What you should do: Return all lines from the entries below in which the word "color" is present.

──────── Records supplied

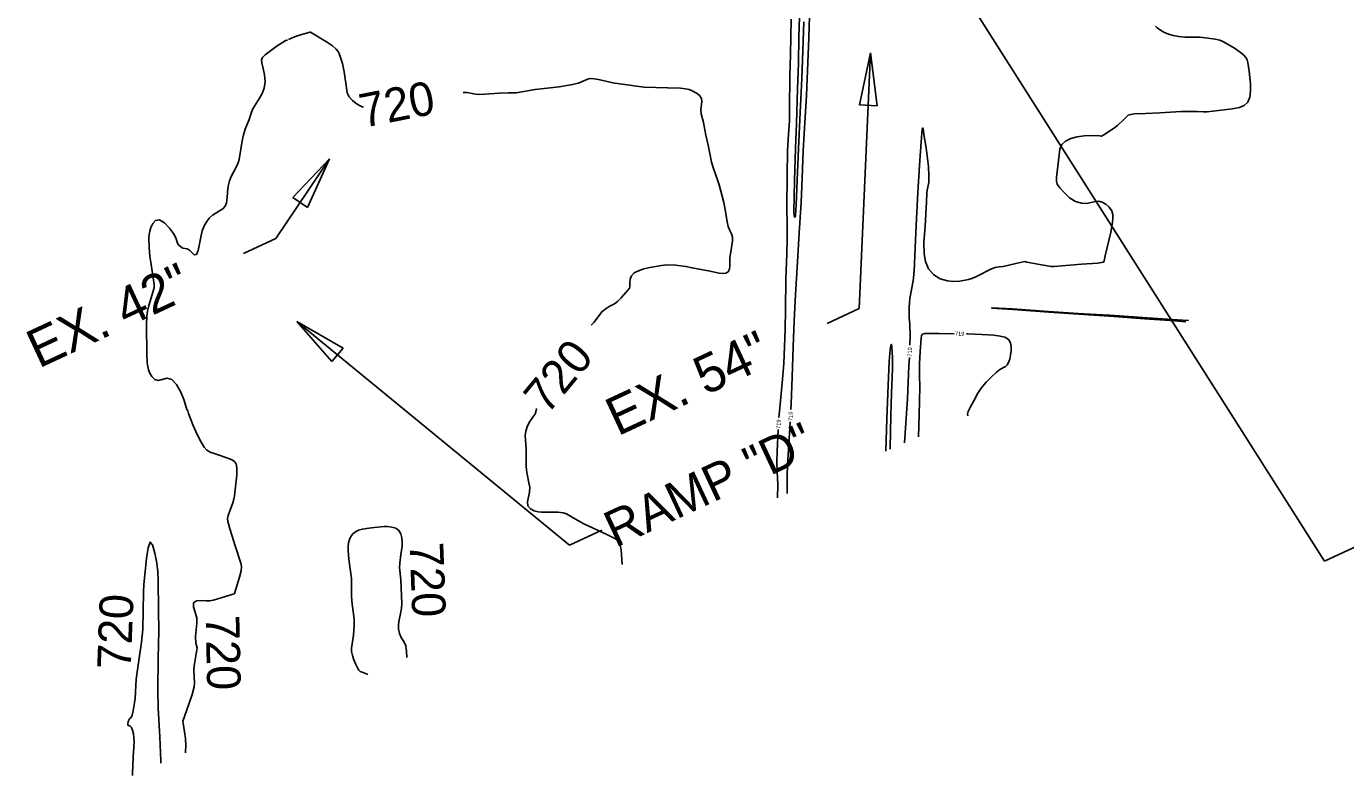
# Model space of a CAD drawing. Extents: x -310467766 to 17062430, y -322263100 to 8322522.
# Drawn here: x 1396172 to 1397464, y 572172 to 572906 of the extents above; entities that cross this region are included whole.
import ezdxf

# ---------------------------------------------------------------- set-up
doc = ezdxf.new("R2010")
doc.units = 0
for name, color, linetype in [('DT_X_Contour_Minor', 7, 'Continuous'), ('Level 19', 7, 'Continuous'), ('Level 40', 7, 'Continuous')]:
    doc.layers.add(name, color=color, linetype=linetype)

msp = doc.modelspace()

# ---------------------------------------------------------------- linework, layer by layer
at = {"layer": 'DT_X_Contour_Minor'}
for points in [[(1396939.3, 572926.2), (1396938.5, 572894.7), (1396937.1, 572862.4), (1396936, 572838), (1396934.1, 572806.2), (1396932.9, 572783.7), (1396931.9, 572757.4), (1396930.7, 572733.3), (1396928.9, 572703.5), (1396927.2, 572675.2), (1396925.2, 572642.8), (1396924, 572617.6), (1396923.1, 572591.8), (1396922.1, 572562), (1396921, 572536), (1396920.7, 572530.3)], [(1396929.6, 572924.9), (1396928.7, 572895.1), (1396928.1, 572869.8), (1396927.4, 572844.7), (1396926.2, 572810.5), (1396925.4, 572786.2), (1396924.4, 572754.4), (1396923.8, 572724.4), (1396924, 572720.5), (1396924.4, 572719), (1396924.7, 572718.8), (1396925, 572719), (1396925.3, 572720.4), (1396926, 572730.9), (1396927.4, 572763.1), (1396928.6, 572793.3), (1396929.8, 572821.4), (1396931.4, 572854.9), (1396932.5, 572881.7), (1396933.5, 572910.4)], [(1396909.1, 572522.6), (1396909.8, 572531.7), (1396912.8, 572563.6), (1396913.7, 572575.5), (1396915.1, 572608.8), (1396915.5, 572628.2), (1396915.9, 572658.2), (1396916.8, 572682.9), (1396917.2, 572697.2), (1396917, 572710.3), (1396916.8, 572729.3), (1396917.2, 572758.9), (1396917.3, 572784.6), (1396918.4, 572800), (1396919.3, 572813.3), (1396919.5, 572825.4), (1396919.7, 572857), (1396920.3, 572878.2), (1396920.9, 572912.9)], [(1396501.9, 572826.8), (1396500, 572827.2), (1396497.9, 572828.3), (1396494.7, 572830.4), (1396491.1, 572833.2), (1396488, 572836.7), (1396486.1, 572840.8), (1396485.2, 572845.5), (1396483.1, 572861.3), (1396481.3, 572869.6), (1396478.1, 572879.2), (1396477.1, 572881.1), (1396475.1, 572883.6), (1396471.5, 572886.8), (1396465.8, 572890.6), (1396450, 572900.1), (1396449.6, 572900.1), (1396440.1, 572897.5), (1396434.2, 572895.5)], [(1397368.5, 572831.5), (1397370.6, 572836.6), (1397371.2, 572842.8), (1397371, 572849.6), (1397369.8, 572861.9), (1397368.6, 572870.3), (1397367.9, 572872.9), (1397366.6, 572875.3), (1397364.3, 572877.8), (1397361.5, 572880.2), (1397355.5, 572884.4), (1397344.6, 572890.8), (1397341, 572892.2), (1397336.4, 572893.3), (1397327.1, 572894.6), (1397321.1, 572895.1), (1397306.9, 572895.3), (1397300.9, 572895.8), (1397295.5, 572896.9), (1397290.7, 572898.3), (1397286.8, 572899.9), (1397283.9, 572901.5), (1397279.7, 572904.5), (1397278, 572906.1)], [(1396427.5, 572892.6), (1396425.2, 572891.5), (1396417.5, 572886.9), (1396410.7, 572882), (1396405.7, 572877.9), (1396402.9, 572875.3), (1396402, 572873.1), (1396402.5, 572870), (1396403.8, 572864.7), (1396405.1, 572858.2), (1396405.5, 572851.4), (1396404.6, 572845.4), (1396402.6, 572840.1), (1396400.1, 572835.6), (1396393.5, 572825.1), (1396392.2, 572821.9), (1396389.9, 572814.7), (1396386.1, 572805.1), (1396384.4, 572799.6), (1396383.1, 572793.8), (1396380.1, 572775.4), (1396379.3, 572772.1), (1396377.6, 572768.5), (1396374.6, 572763.1), (1396372.6, 572759.2), (1396370.7, 572754.5), (1396369.4, 572749.2), (1396368.8, 572743.4), (1396368.5, 572737.8), (1396367.8, 572733), (1396366.3, 572729.5), (1396364, 572727), (1396361, 572725), (1396354.1, 572720.7), (1396350.9, 572718), (1396348.3, 572714.6), (1396346.2, 572711.1), (1396343.8, 572705.3), (1396343.1, 572702.5), (1396340, 572686.1), (1396338.3, 572682.1), (1396336.2, 572681.8), (1396331.5, 572686.5), (1396329.3, 572687.8), (1396325, 572688.6), (1396322.9, 572689.7), (1396321, 572691.5), (1396319.7, 572693.5), (1396318, 572698.6), (1396315.9, 572702.7), (1396311.9, 572708.1), (1396306.9, 572713.3), (1396302, 572716.3), (1396298.2, 572715.7), (1396295.5, 572712.6), (1396293.7, 572708.6), (1396292.6, 572705.2), (1396291.9, 572702), (1396291.7, 572698.3), (1396292, 572688.9), (1396292.6, 572680.6), (1396293.9, 572672.6), (1396297, 572652.7), (1396296.9, 572649.8), (1396296, 572646.4), (1396291.7, 572632.4), (1396290.3, 572626.7), (1396289.6, 572621.9), (1396289.3, 572613.7), (1396289.7, 572584.5), (1396290.1, 572576), (1396290.5, 572572.4), (1396291.3, 572569.2), (1396292.6, 572565.9), (1396294.7, 572562.6), (1396297.5, 572559.9), (1396300.9, 572558.9), (1396309.5, 572561.1), (1396314.2, 572559.9), (1396318.8, 572554.7), (1396322.9, 572547.3), (1396325.9, 572540.1), (1396328.3, 572532.6), (1396329, 572530.3), (1396329.9, 572529.2), (1396330.5, 572526.5), (1396332.1, 572522.1), (1396335.2, 572514.7), (1396339, 572506), (1396342.8, 572498.3), (1396345.8, 572493.3), (1396348.6, 572490.5), (1396351.8, 572488.7), (1396360.5, 572485.5), (1396371.8, 572481.8), (1396374.2, 572480.4), (1396376.1, 572478.7), (1396377.4, 572476.1), (1396378, 572472), (1396377.7, 572466.2), (1396375.5, 572445.6)], [(1396428.5, 572893), (1396434.2, 572895.5)], [(1396725.1, 572612.9), (1396728, 572616.1), (1396735.4, 572626.2), (1396739.9, 572629.5), (1396742.7, 572631.2), (1396748, 572634), (1396751, 572636.3), (1396754.6, 572639.9), (1396761, 572647.3), (1396762.6, 572649.3), (1396763.1, 572650.5), (1396763, 572654.8), (1396763.3, 572658.2), (1396764.6, 572661.5), (1396767.3, 572664.2), (1396771.3, 572666.3), (1396776.6, 572668.1), (1396782.7, 572669.5), (1396793.9, 572671.5), (1396799.8, 572672.2), (1396807.6, 572671.7), (1396817.9, 572670.5), (1396824, 572669.1), (1396831, 572667.8), (1396840.1, 572666.3), (1396850.5, 572664), (1396853.9, 572663.7), (1396857.1, 572664.1), (1396859.4, 572665.4), (1396860.6, 572667.9), (1396861, 572671.2), (1396861.1, 572678.9), (1396861.5, 572682.9), (1396863.6, 572695.3), (1396863.6, 572699.1), (1396862.5, 572702.5), (1396860.8, 572705.8), (1396859.2, 572709.6), (1396858.2, 572714.2), (1396856.4, 572726.2), (1396855, 572733.3), (1396850.6, 572750.4), (1396848.7, 572755.4), (1396844.8, 572766.6), (1396843, 572772.6), (1396841.2, 572781.1), (1396839.6, 572789.5), (1396837.5, 572799.1), (1396835.3, 572811.5), (1396833, 572820.2), (1396832.5, 572824.4), (1396833.4, 572831.9), (1396833.1, 572835), (1396831.4, 572837.7), (1396828.8, 572840), (1396823.5, 572843.1), (1396821, 572844), (1396817.5, 572844.7), (1396812.6, 572845.2), (1396799.9, 572845.7), (1396776.6, 572846.1), (1396751, 572849.7), (1396747.9, 572850.2), (1396733.7, 572853.5), (1396728.3, 572854.5), (1396724.7, 572854.8), (1396722.4, 572854.4), (1396715.7, 572851.4), (1396712.5, 572850.3), (1396705, 572848.5), (1396693.8, 572846.6), (1396670.3, 572843.9), (1396651.6, 572840.8), (1396643.7, 572840.6), (1396635.3, 572840.4), (1396616.1, 572839.2), (1396611.8, 572839.4), (1396603.7, 572841), (1396599.6, 572841.1)], [(1397037.4, 572593.3), (1397037.5, 572602.7), (1397037.2, 572613.7), (1397036.7, 572620.5), (1397036.8, 572630.7), (1397037.2, 572639.3), (1397040.5, 572656.5), (1397041.5, 572665.9), (1397042.4, 572688.8), (1397043.4, 572711), (1397045.3, 572742.9), (1397047.2, 572774.6), (1397049, 572801.3), (1397049.4, 572804.6), (1397049.9, 572806.3), (1397050.4, 572805.4), (1397051.4, 572797.9), (1397052.1, 572794.4), (1397053.4, 572786.7), (1397055.5, 572768.4), (1397056, 572759.3), (1397055.8, 572752.7), (1397054.4, 572745.2), (1397053.9, 572742.5), (1397053.5, 572733.9), (1397052.3, 572709.8), (1397051.1, 572694.1), (1397051.5, 572683), (1397052.7, 572675.3), (1397055.6, 572668.1), (1397060.7, 572662.4), (1397067.2, 572658.5), (1397074.1, 572656.3), (1397080.6, 572655.7), (1397086.2, 572656.2), (1397094.7, 572657.8), (1397098.1, 572658.8), (1397102.1, 572660.4), (1397117.5, 572668.2), (1397121, 572669.5), (1397124.9, 572670.1), (1397128.7, 572670.6), (1397141.3, 572673.4), (1397150, 572675.3), (1397152.1, 572674.9), (1397166.4, 572672), (1397175.7, 572670.6), (1397178.7, 572670.5), (1397205.7, 572672.9), (1397221.7, 572673.8), (1397226.7, 572674.7), (1397227.4, 572675.2), (1397227.7, 572676.1), (1397228.7, 572680.9), (1397234.2, 572704.3), (1397235.8, 572713.6), (1397236.4, 572717.6), (1397236.3, 572721.3), (1397235.2, 572725), (1397232.7, 572728.6), (1397229.3, 572731.7), (1397225.7, 572733.7), (1397222.4, 572734.4), (1397219.1, 572734.1), (1397210.8, 572732.4), (1397205.4, 572732.5), (1397199.7, 572734.1), (1397193.8, 572737.9), (1397188.4, 572742.9), (1397184.2, 572747.6), (1397181.8, 572751.1), (1397180.9, 572754.1), (1397181, 572757.7), (1397184.4, 572785.5), (1397186.3, 572789.9), (1397189.9, 572793.4), (1397195, 572796), (1397201.2, 572797.6), (1397208.2, 572798.5), (1397214.9, 572798.8), (1397223.1, 572798.4), (1397225.3, 572798.3), (1397227.4, 572799.6), (1397236.8, 572805.7), (1397240.7, 572808.7), (1397247, 572814.7), (1397249.4, 572817), (1397251.4, 572818.7), (1397253.8, 572819.6), (1397257.2, 572820.1), (1397268.4, 572820.6), (1397282.4, 572821.1), (1397303.3, 572822.4), (1397319.1, 572822.3), (1397325.1, 572822.1), (1397328.7, 572822.2), (1397345.5, 572824), (1397353.3, 572825), (1397360.3, 572826.4), (1397364.8, 572828.3), (1397368.5, 572831.5)], [(1397310.3, 572617.5), (1397299.6, 572618.2), (1397270.1, 572620.2), (1397233.3, 572622.8), (1397231.9, 572622.8), (1397202.3, 572624.6), (1397173.3, 572626.5), (1397137.8, 572629), (1397124.4, 572629.8), (1397117.4, 572629.8), (1397138.1, 572628.3), (1397173.5, 572625.7), (1397202.9, 572623.8), (1397237.4, 572621.6), (1397267.4, 572619.3), (1397297.1, 572617.2), (1397307.8, 572616.4)], [(1397080.8, 572604.6), (1397065.7, 572604.7), (1397051.9, 572604.7), (1397049.9, 572604.2), (1397048.8, 572602.8), (1397048.3, 572600.4), (1397047.4, 572587.2), (1397046.8, 572575.2), (1397046.9, 572563.6), (1397047.1, 572552.6), (1397046.4, 572525.2), (1397045.9, 572503.5)], [(1397094, 572524.2), (1397093.9, 572525.8), (1397094.4, 572528.4), (1397096.8, 572532.9), (1397099.9, 572538.7), (1397103.8, 572546.4), (1397107.2, 572551.4), (1397112, 572557), (1397117.5, 572562.5), (1397122.3, 572566.9), (1397125.6, 572569.4), (1397131, 572572.4), (1397132.6, 572574), (1397134, 572576.4), (1397135.2, 572579.7), (1397136, 572583.5), (1397136.5, 572587.7), (1397136.5, 572591.8), (1397135.9, 572595.4), (1397134.6, 572598.3), (1397132.6, 572600.1), (1397130.3, 572601.1), (1397125.8, 572602.2), (1397119.6, 572603.1), (1397107.9, 572604), (1397094.1, 572604.5), (1397092.8, 572604.5)], [(1397018.1, 572491.5), (1397018.1, 572492.9), (1397018.8, 572524.1), (1397019.5, 572546.5), (1397020.4, 572570.6), (1397020.3, 572581.3), (1397019.8, 572591.7), (1397019.3, 572594.2), (1397018.7, 572593.1), (1397018.1, 572589.2), (1397017.1, 572577.4), (1397016.1, 572554.2), (1397014.9, 572521.3), (1397013.7, 572489.6)], [(1397032.2, 572497.6), (1397034, 572526.4), (1397035, 572540.9), (1397036.5, 572573), (1397037, 572581.4)], [(1396755.6, 572378.3), (1396754.4, 572392.9), (1396753.5, 572397.3), (1396752.4, 572400.3), (1396750.8, 572402.3), (1396748.2, 572403.9), (1396740.4, 572407.9), (1396718, 572418.3), (1396707.5, 572424.1), (1396701, 572428.1), (1396697.5, 572429.2), (1396692.7, 572429.8), (1396682.6, 572429.9), (1396676.3, 572429.7), (1396673.2, 572430.1), (1396669.3, 572431.1), (1396665.5, 572433), (1396663, 572435.9), (1396662.7, 572439.9), (1396664.7, 572449.5), (1396664.8, 572454.1), (1396664.1, 572458.5), (1396662.2, 572466.9), (1396661.6, 572471), (1396661.3, 572475.1), (1396661.3, 572491.8), (1396660.6, 572500.3), (1396660.5, 572504.8), (1396661, 572509.2), (1396662.3, 572513.5), (1396664.2, 572517.5), (1396668.7, 572523.7), (1396670.1, 572525.8), (1396671, 572528), (1396671.6, 572531.3)], [(1396907.8, 572443.9), (1396907.9, 572456.8), (1396907.4, 572469.3), (1396907, 572479.2), (1396907.2, 572489.5), (1396908.2, 572510.5), (1396908.3, 572510.6)], [(1396920.1, 572518.4), (1396919.8, 572512.3), (1396917.6, 572475.4), (1396917.1, 572465.7), (1396917, 572447.9)], [(1396375.5, 572445.6), (1396375, 572442.6), (1396373.9, 572438.9), (1396369.2, 572426.5), (1396368.7, 572423.4), (1396369, 572420.5), (1396371.3, 572412.3), (1396376.1, 572396.9), (1396381.9, 572379.8), (1396382.4, 572376.4), (1396382, 572372.1), (1396380.6, 572366.2), (1396375.6, 572350.1), (1396375.3, 572349.8), (1396372, 572348.7), (1396358.3, 572344.5), (1396354.7, 572343.5), (1396351.5, 572343), (1396347.8, 572342.9), (1396343, 572343.1), (1396338.3, 572342.8), (1396335.4, 572341), (1396335.3, 572337), (1396338.5, 572326.1), (1396338.8, 572321), (1396337.5, 572308), (1396337.6, 572301.3)], [(1396538.6, 572363.5), (1396537.3, 572375.5), (1396537.5, 572379.7), (1396538.7, 572388.4), (1396539.7, 572396.4), (1396539.9, 572400.4), (1396539.6, 572404.6), (1396538.6, 572408.6), (1396536.7, 572411.8), (1396533.5, 572414), (1396529.6, 572415.1), (1396525.6, 572415.6), (1396521.8, 572415.6), (1396509.7, 572414.4), (1396505.2, 572413.9), (1396500.9, 572413.1), (1396497.2, 572412), (1396494.1, 572410.5), (1396491.6, 572408.5), (1396489.6, 572405.9), (1396488.2, 572403), (1396487.3, 572399.6), (1396486.9, 572396), (1396486.8, 572392.1), (1396487.5, 572383.8), (1396490.3, 572364.6), (1396490.3, 572355.5), (1396490.3, 572347.2), (1396491, 572339.6), (1396492.2, 572330.1), (1396492.7, 572324.7), (1396492.8, 572319.1), (1396492.6, 572313.8), (1396492.2, 572309.2), (1396490.1, 572296.5), (1396490.3, 572293.1), (1396491.1, 572289.2), (1396492.5, 572284.9), (1396494.3, 572280.6), (1396496, 572277.1), (1396497.5, 572274.9), (1396498.8, 572273.7), (1396500.8, 572272.9), (1396505.5, 572271.1), (1396506.2, 572270.8)], [(1396303.5, 572183.6), (1396303.4, 572186), (1396302.4, 572209.6), (1396300.8, 572237.6), (1396300.4, 572255.3), (1396300.7, 572286.5), (1396301.3, 572313.5), (1396301.1, 572333.3), (1396300.6, 572363.4), (1396300.3, 572371.2), (1396299.4, 572379.8), (1396297.6, 572389.7), (1396295.3, 572397.8), (1396292.9, 572400.4), (1396290.8, 572394.8), (1396289.2, 572384.3), (1396286.7, 572358.7), (1396286.3, 572351.2), (1396285.8, 572314.8)], [(1396544.5, 572287.3), (1396544.2, 572293.4), (1396543.4, 572298.6), (1396541.4, 572303), (1396539, 572306.9), (1396537.1, 572310.9), (1396536.2, 572315.3), (1396536.3, 572319.8), (1396537, 572324.2), (1396538.7, 572331.8), (1396539.3, 572335.8), (1396539.5, 572340.2), (1396538.6, 572363.5)], [(1396285.8, 572314.8), (1396284.3, 572302.3), (1396281.1, 572279.9), (1396279.3, 572266.2), (1396278.2, 572247.2), (1396277.4, 572240.9), (1396276.4, 572235.2), (1396275.2, 572230.9), (1396274.2, 572228.5), (1396272.7, 572227.1), (1396272.2, 572226.6), (1396271.4, 572224.6), (1396270.9, 572222), (1396271.2, 572221.1), (1396273.3, 572220), (1396274.6, 572218.6), (1396275.7, 572216.1), (1396276.5, 572212.6), (1396277, 572208.7), (1396277.1, 572204.8), (1396276.3, 572189.5), (1396275.6, 572173.5), (1396275.6, 572171.6)], [(1396337.6, 572301.3), (1396339.1, 572296.8), (1396335.9, 572279), (1396335.6, 572274.9), (1396336.5, 572262.6), (1396336, 572258.5), (1396334.1, 572251), (1396330.8, 572241.7), (1396324.9, 572225), (1396325.1, 572222.8), (1396326.7, 572214.5), (1396327.6, 572207.9), (1396328, 572201.1), (1396327.6, 572194.7), (1396327.4, 572193.9)]]:
    msp.add_lwpolyline(points, dxfattribs=at)
at = {"layer": 'Level 40'}
for p, q in [((1397041, 573015.9), (1397443.7, 572381.8)), ((1396998.9, 572880), (1396987.8, 572629.4)), ((1396988, 572828.8), (1396998.9, 572880)), ((1396998.9, 572880), (1397005.2, 572828)), ((1397005.2, 572828), (1396988, 572828.8)), ((1396468.8, 572776), (1396416.1, 572697.9)), ((1396432.8, 572738), (1396468.8, 572776)), ((1396468.8, 572776), (1396447, 572728.4)), ((1397443.7, 572381.8), (1398254.3, 572759.8)), ((1396447, 572728.4), (1396432.8, 572738)), ((1396384.3, 572683.1), (1396416.1, 572697.9)), ((1396956.2, 572614.7), (1396987.8, 572629.4)), ((1396703.9, 572397.4), (1396436.7, 572616.6)), ((1396471.1, 572577.3), (1396436.7, 572616.6)), ((1396436.7, 572616.6), (1396482, 572590.6)), ((1396482, 572590.6), (1396471.1, 572577.3)), ((1396703.9, 572397.4), (1396735.5, 572412.1))]:
    msp.add_line(p, q, dxfattribs=at)

# ---------------------------------------------------------------- texts
at = {"layer": 'Level 19'}
for s, height, rotation, p in [('720', 33, 11.0581, (1396501.6, 572806.4)), ('719', 4, 359.4279, (1397081.5, 572602.6)), ('720', 33, 50.4776, (1396682, 572524.4)), ('719', 4, 88.9689, (1397039.2, 572582.1)), ('719', 4, 87.0953, (1396922.2, 572519)), ('719', 4, 85.8463, (1396910.3, 572511.2)), ('720', 33, 272.1435, (1396547.1, 572399.8)), ('720', 33, 87.8459, (1396273.9, 572275.3)), ('720', 33, 271.1695, (1396347.3, 572328.6))]:
    msp.add_text(s, height=height, rotation=rotation, dxfattribs=at).set_placement(p)
at = {"layer": 'Level 40'}
for s, height, p in [('EX. 42"', 37.5, (1396183.7, 572570.3)), ('EX. 54"', 37.5, (1396751.1, 572503.9)), ('RAMP "D"', 35.5, (1396748.8, 572394.6))]:
    msp.add_text(s, height=height, rotation=25, dxfattribs=at).set_placement(p)

doc.saveas('drawing.dxf')

────────────────

Response to this task:
for name, color, linetype in [('DT_X_Contour_Minor', 7, 'Continuous'), ('Level 19', 7, 'Continuous'), ('Level 40', 7, 'Continuous')]:
    doc.layers.add(name, color=color, linetype=linetype)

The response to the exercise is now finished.